# [Problem]
Using the line that contains "Volume: 2876300.4 mm3;" as the first line and the last line of the data as the final one, give every line in that range again exactly.

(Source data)
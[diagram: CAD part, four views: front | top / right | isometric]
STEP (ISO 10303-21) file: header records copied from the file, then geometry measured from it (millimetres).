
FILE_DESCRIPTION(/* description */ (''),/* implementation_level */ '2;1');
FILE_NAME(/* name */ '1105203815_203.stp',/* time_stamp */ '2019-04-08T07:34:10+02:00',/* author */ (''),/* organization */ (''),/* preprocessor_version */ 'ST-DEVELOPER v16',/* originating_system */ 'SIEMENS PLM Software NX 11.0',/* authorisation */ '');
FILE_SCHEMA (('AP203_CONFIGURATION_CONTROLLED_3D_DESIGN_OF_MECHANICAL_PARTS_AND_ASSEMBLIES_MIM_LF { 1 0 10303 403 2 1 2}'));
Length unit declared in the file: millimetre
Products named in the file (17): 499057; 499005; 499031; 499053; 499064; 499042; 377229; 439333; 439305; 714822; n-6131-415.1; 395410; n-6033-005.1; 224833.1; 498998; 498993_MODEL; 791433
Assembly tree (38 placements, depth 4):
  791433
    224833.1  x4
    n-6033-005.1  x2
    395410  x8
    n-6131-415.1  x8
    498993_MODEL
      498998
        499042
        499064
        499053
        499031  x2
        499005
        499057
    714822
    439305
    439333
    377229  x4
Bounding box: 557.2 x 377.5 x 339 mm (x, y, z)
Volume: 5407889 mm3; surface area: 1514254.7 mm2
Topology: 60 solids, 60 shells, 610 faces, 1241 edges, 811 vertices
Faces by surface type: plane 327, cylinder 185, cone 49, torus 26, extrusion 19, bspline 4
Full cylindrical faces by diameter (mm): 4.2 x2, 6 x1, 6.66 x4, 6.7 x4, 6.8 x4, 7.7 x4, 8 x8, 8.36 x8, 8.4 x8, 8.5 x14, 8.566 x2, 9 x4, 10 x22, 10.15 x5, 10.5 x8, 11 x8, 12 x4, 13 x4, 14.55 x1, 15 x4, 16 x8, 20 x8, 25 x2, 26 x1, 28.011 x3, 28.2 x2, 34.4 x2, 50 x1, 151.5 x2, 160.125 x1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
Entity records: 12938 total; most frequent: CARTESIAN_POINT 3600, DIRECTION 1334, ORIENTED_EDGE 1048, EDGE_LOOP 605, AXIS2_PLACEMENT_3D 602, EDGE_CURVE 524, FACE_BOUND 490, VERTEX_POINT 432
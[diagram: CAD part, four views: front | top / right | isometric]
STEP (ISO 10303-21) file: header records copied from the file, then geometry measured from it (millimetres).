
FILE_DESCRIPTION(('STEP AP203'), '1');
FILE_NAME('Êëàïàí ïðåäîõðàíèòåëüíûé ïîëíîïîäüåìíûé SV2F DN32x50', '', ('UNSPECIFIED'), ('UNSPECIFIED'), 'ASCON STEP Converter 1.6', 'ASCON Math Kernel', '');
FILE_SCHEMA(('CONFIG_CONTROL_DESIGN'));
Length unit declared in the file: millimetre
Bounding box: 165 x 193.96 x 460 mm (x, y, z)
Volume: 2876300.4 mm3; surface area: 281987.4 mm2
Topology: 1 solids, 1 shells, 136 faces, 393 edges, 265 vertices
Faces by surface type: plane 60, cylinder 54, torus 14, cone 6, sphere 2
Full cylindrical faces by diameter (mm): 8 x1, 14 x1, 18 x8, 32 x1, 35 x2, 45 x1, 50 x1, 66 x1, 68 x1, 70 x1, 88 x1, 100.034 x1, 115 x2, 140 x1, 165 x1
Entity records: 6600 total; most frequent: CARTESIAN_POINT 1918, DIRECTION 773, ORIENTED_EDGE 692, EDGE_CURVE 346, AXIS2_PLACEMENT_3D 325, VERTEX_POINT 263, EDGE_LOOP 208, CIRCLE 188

# [Response for this exercise]
Volume: 2876300.4 mm3; surface area: 281987.4 mm2
Topology: 1 solids, 1 shells, 136 faces, 393 edges, 265 vertices
Faces by surface type: plane 60, cylinder 54, torus 14, cone 6, sphere 2
Full cylindrical faces by diameter (mm): 8 x1, 14 x1, 18 x8, 32 x1, 35 x2, 45 x1, 50 x1, 66 x1, 68 x1, 70 x1, 88 x1, 100.034 x1, 115 x2, 140 x1, 165 x1
Entity records: 6600 total; most frequent: CARTESIAN_POINT 1918, DIRECTION 773, ORIENTED_EDGE 692, EDGE_CURVE 346, AXIS2_PLACEMENT_3D 325, VERTEX_POINT 263, EDGE_LOOP 208, CIRCLE 188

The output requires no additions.